In celebration of his 40th anniversary in the broadcasting industry, Hollywood honored King in 1997 with a star on the Walk of Fame for his life's work. In 2006, Promax/BDA awarded Larry with their Television Century Award and the Los Angeles Press Club honored him with its President's Award. In 1996, the American Academy of Achievement honored him with the Golden Plate Award for his life's work in the broadcasting industry. In 1994, he received the Scopus Award from the American Friends of Hebrew University, and in 1993, the National Association of Radio Talk Show Hosts named King "Talk Show Host of the Year." He has received honorary degrees from George Washington University, the New England Institute of Technology, Brooklyn College and the Pratt Institute.

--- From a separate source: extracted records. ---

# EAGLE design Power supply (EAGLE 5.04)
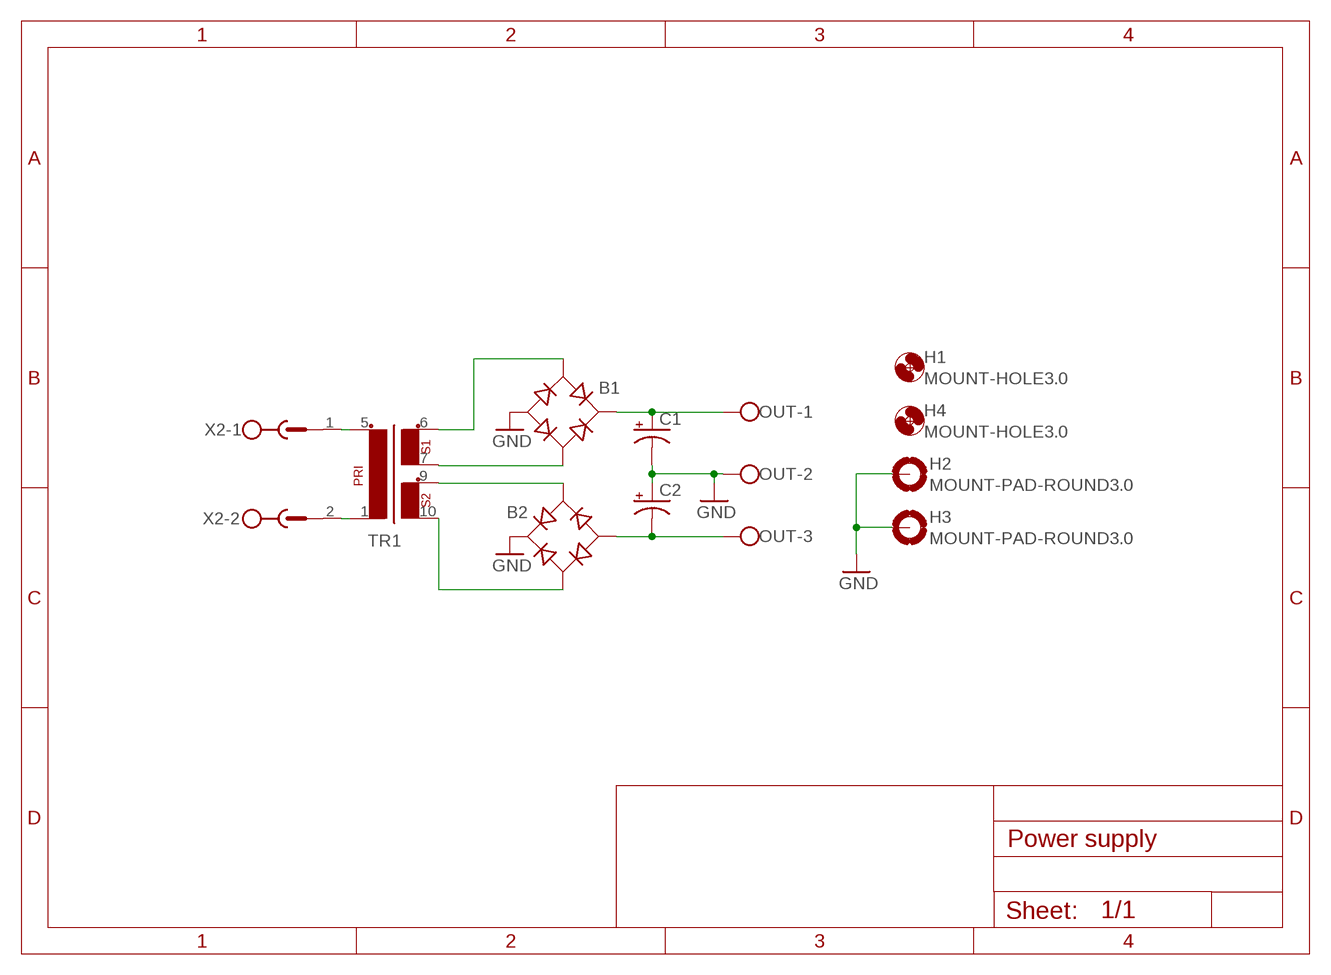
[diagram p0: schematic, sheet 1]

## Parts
B1  RB1A  [RB1A]
B2  RB1A  [RB1A]
C1  CPOL-USE5-10.5  [E5-10,5]
C2  CPOL-USE5-10.5  [E5-10,5]
H1  MOUNT-HOLE3.0  [3,0]
H2  MOUNT-PAD-ROUND3.0  [3,0-PAD]
H3  MOUNT-PAD-ROUND3.0  [3,0-PAD]
H4  MOUNT-HOLE3.0  [3,0]
OUT  W237-3E  [W237-3E]
TR1  EI30-2  [EI30-2]
X2  MSTBV2  [MSTBV2]

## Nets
GND: B1.- B2.+ C1.- C2.+ H2.B3,0(MOUNT) H3.B3,0(MOUNT) OUT.2
N$1: B1.AC2 TR1.7
N$2: B1.AC1 TR1.6
N$3: B2.AC1 TR1.9
N$4: B2.AC2 TR1.10
N$5: B1.+ C1.+ OUT.1
N$6: B2.- C2.- OUT.3
N$7: TR1.5 X2.1
N$8: TR1.1 X2.2

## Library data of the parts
B1 B2 = rectifier:RB1A: RECTIFIER 1 A
C1 C2 = rcl:CPOL-US: POLARIZED CAPACITOR, American symbol
H1 H4 = holes:MOUNT-HOLE: MOUNTING HOLE with drill center marker
H2 H3 = holes:MOUNT-PAD-ROUND: MOUNTING PAD, round
OUT = con-wago-508:W237-3E: WAGO SREW CLAMP
TR1 = trafo:EI30-2: TRANSFORMER 1 primary winding, 2 secondary windings ERA
X2 = con-phoenix-500:MSTBV2: PHOENIX

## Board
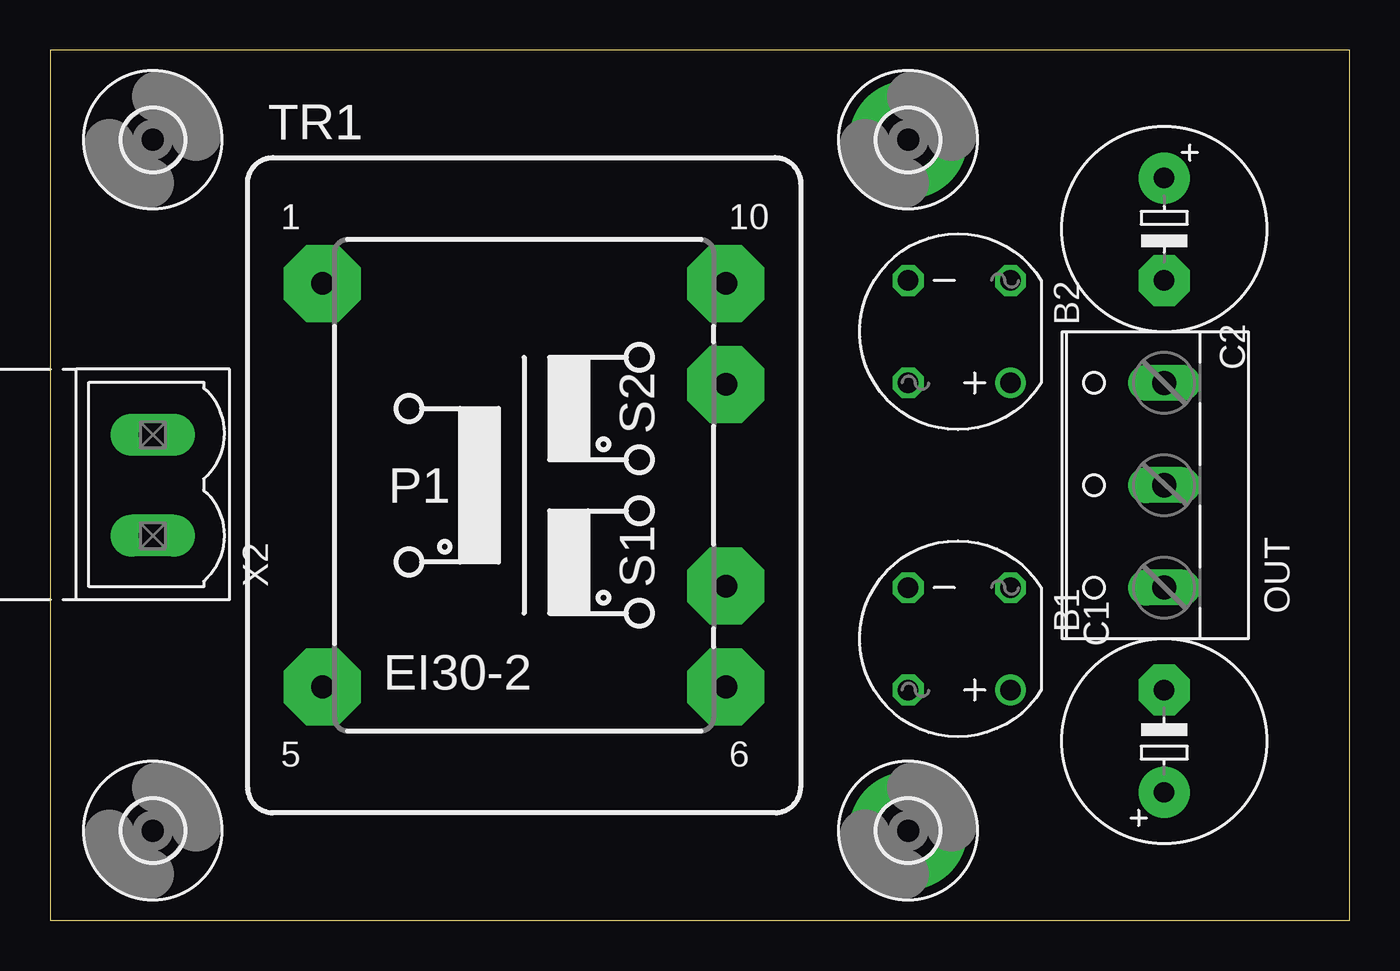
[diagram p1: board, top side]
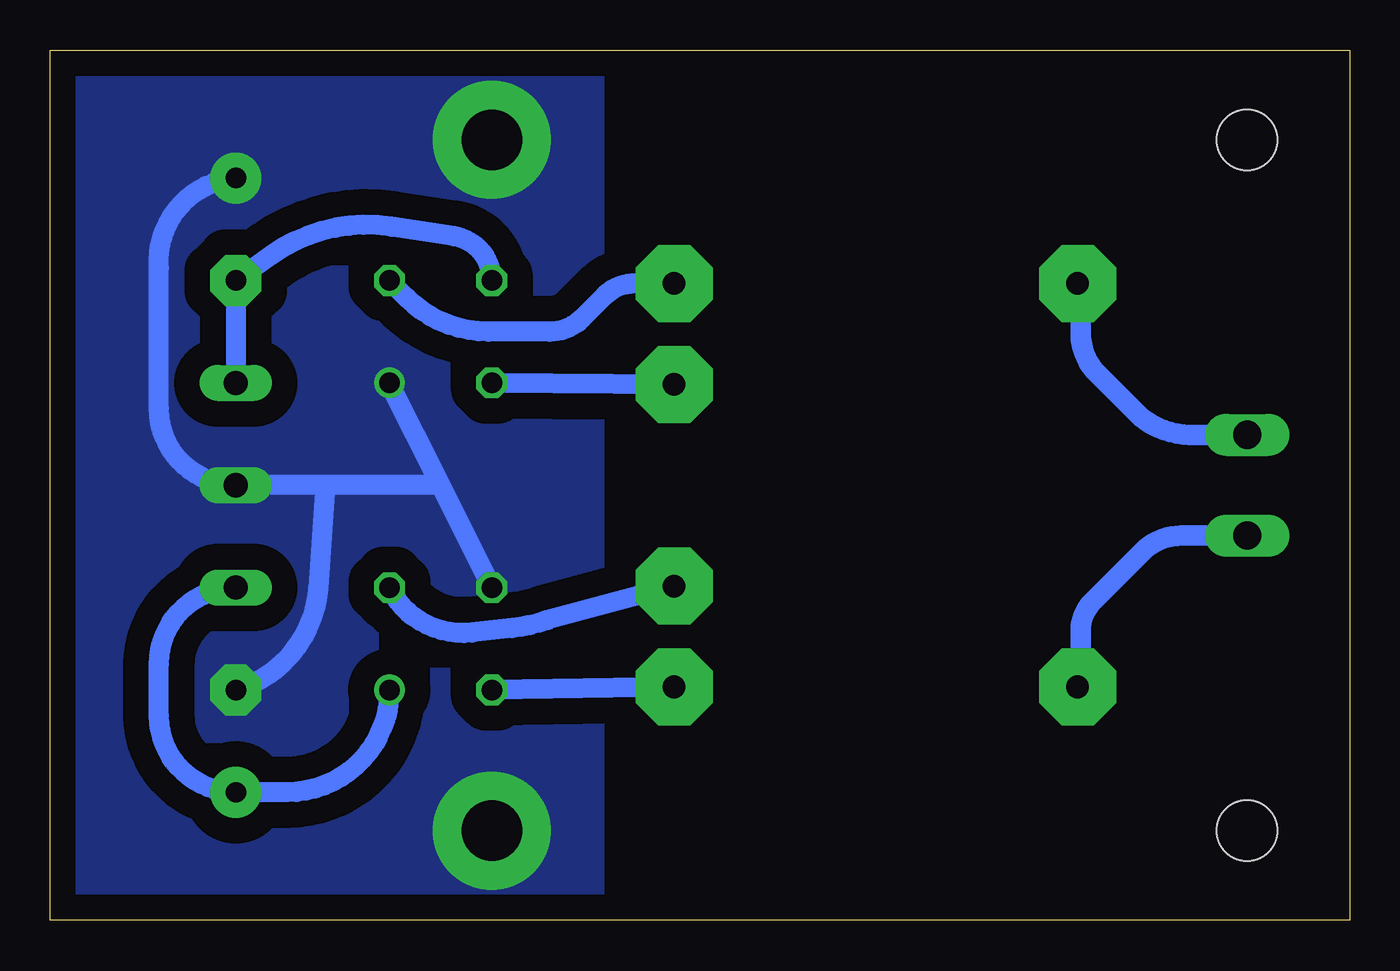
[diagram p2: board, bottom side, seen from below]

Size 64.44 x 43.17 mm. Coordinates in mm from the lower left corner, seen from the top.
Outline: 0,0 64.44,0 64.44,43.17 0,43.17 0,0
Copper layers (1*16): Top 0.035mm / dielectric 1.5mm / Bottom 0.035mm
Design rules "default *": minimum track width 10mil, minimum drill 24mil, track to track 8mil, track to pad 8mil, pad to pad 8mil, via to via 8mil, smd to smd 8mil, copper to edge 5mil, drill to drill 8mil, minimum pad ring 10mil, minimum via ring 8mil, stop-mask expansion 4mil, vias tented up to drill 0mil, thermal gap 10mil

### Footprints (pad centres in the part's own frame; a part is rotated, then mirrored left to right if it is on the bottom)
RB1A = drill 1.016 round: + -2.54,2.54 | drill 1.016 octagon: - 2.54,-2.54; AC1 2.54,2.54; AC2 -2.54,-2.54
E5-10,5 = drill 1.016 pad 2.54 round: + -2.54,0 | drill 1.016 pad 2.54 octagon: - 2.54,0
3,0 = hole 3: 0,0
3,0-PAD = drill 3 pad 5.842 round: B3,0 0,0
W237-3E = drill 1.194 long: 1 -5.08,-0.635; 2 0,-0.635; 3 5.08,-0.635
EI30-2 = drill 1.118 pad 3.81 octagon: 1 -10.008,10.008; 5 -10.008,-10.008; 6 10.008,-10.008; 7 10.008,-5.004; 9 10.008,5.004; 10 10.008,10.008
MSTBV2 = drill 1.397 long: 1 -2.5,0; 2 2.5,0

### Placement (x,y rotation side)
B1  45.09,13.97 180 top
B2  45.09,29.21 180 top
C1  55.24,8.89 90 top
C2  55.24,34.29 270 top
H1  5.08,4.45 0 top
H2  42.55,4.45 0 top
H3  42.55,38.73 0 top
H4  5.08,38.73 0 top
OUT  54.61,21.59 90 top
TR1  23.5,21.59 0 top
X2  5.08,21.59 90 top

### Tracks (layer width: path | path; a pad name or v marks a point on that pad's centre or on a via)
GND
  Bottom 1: B1.- 45.09,21.59 | 45.09,21.59 B2.+ | 45.09,21.59 50.8,21.59 | 50.8,21.59 OUT.2 arc90 59.05,25.4 59.05,32.38 arc90 C2.+ | 50.8,21.59 51.16,16.48 arc67 55.03,11.5 C1.-
  pour Bottom (isolate 1.27, rank 5, no thermals): 37.47,44.45 37.47,-0.64 65.41,-0.64 65.41,44.45
N$1
  Bottom 1: TR1.7 39.79,14.89 arc12 41.54,14.51 43.53,14.28 arc70 B1.AC2
N$2
  Bottom 1: TR1.6 B1.AC1
N$3
  Bottom 1: TR1.9 B2.AC1
N$4
  Bottom 1: TR1.10 35.49,31.6 arc-45 36.96,30.99 38.06,29.88 arc45 39.68,29.21 42.72,29.21 arc45 46.76,30.88 B2.AC2
N$5
  Bottom 1: B1.+ arc90 52.7,6.35 C1.+ arc90 59.05,10.16 59.05,12.7 arc90 OUT.1
N$6
  Bottom 1: OUT.3 C2.- 53.49,33 arc44 47.53,34.42 44.43,33.95 arc81 B2.-
N$7
  Bottom 1: TR1.5 13.34,11.73
  Bottom 1.016: X2.1 8.35,19.09 arc-45 10.29,18.28 12.75,15.83 arc-45 13.34,14.41 13.34,11.73
N$8
  Bottom 1: 13.34,31.45 TR1.1
  Bottom 1.016: X2.2 7.92,24.09 arc45 10.59,25.19 12.5,27.11 arc45 13.34,29.12 13.34,31.45

Entertainment Tonight called him the "master interviewer," and King has made cameo appearances in more than 20 movies, including Ghostbusters, Primary Colors, America's Sweethearts, Shrek 2 and the 2004 remake of The Stepford Wives. King has appeared in television series such as Law and Order, Boston Legal, The Practice, Arli$$, Murphy Brown and Frasier.

Before broadcasting to an international audience, King was a popular media personality in Miami where he hosted interview programs for WIOD-Radio and WTVJ-TV. From 1978-1994, King's voice was heard by millions of radio listeners on Mutual Radio's The Larry King Show.

In addition to his broadcast credits, King founded the Larry King Cardiac Foundation, which has raised millions of dollars and provided life-saving cardiac procedures for needy children and adults. King also established a $1 million journalism scholarship at George Washington University's School of Media and Affairs for students from disadvantaged backgrounds.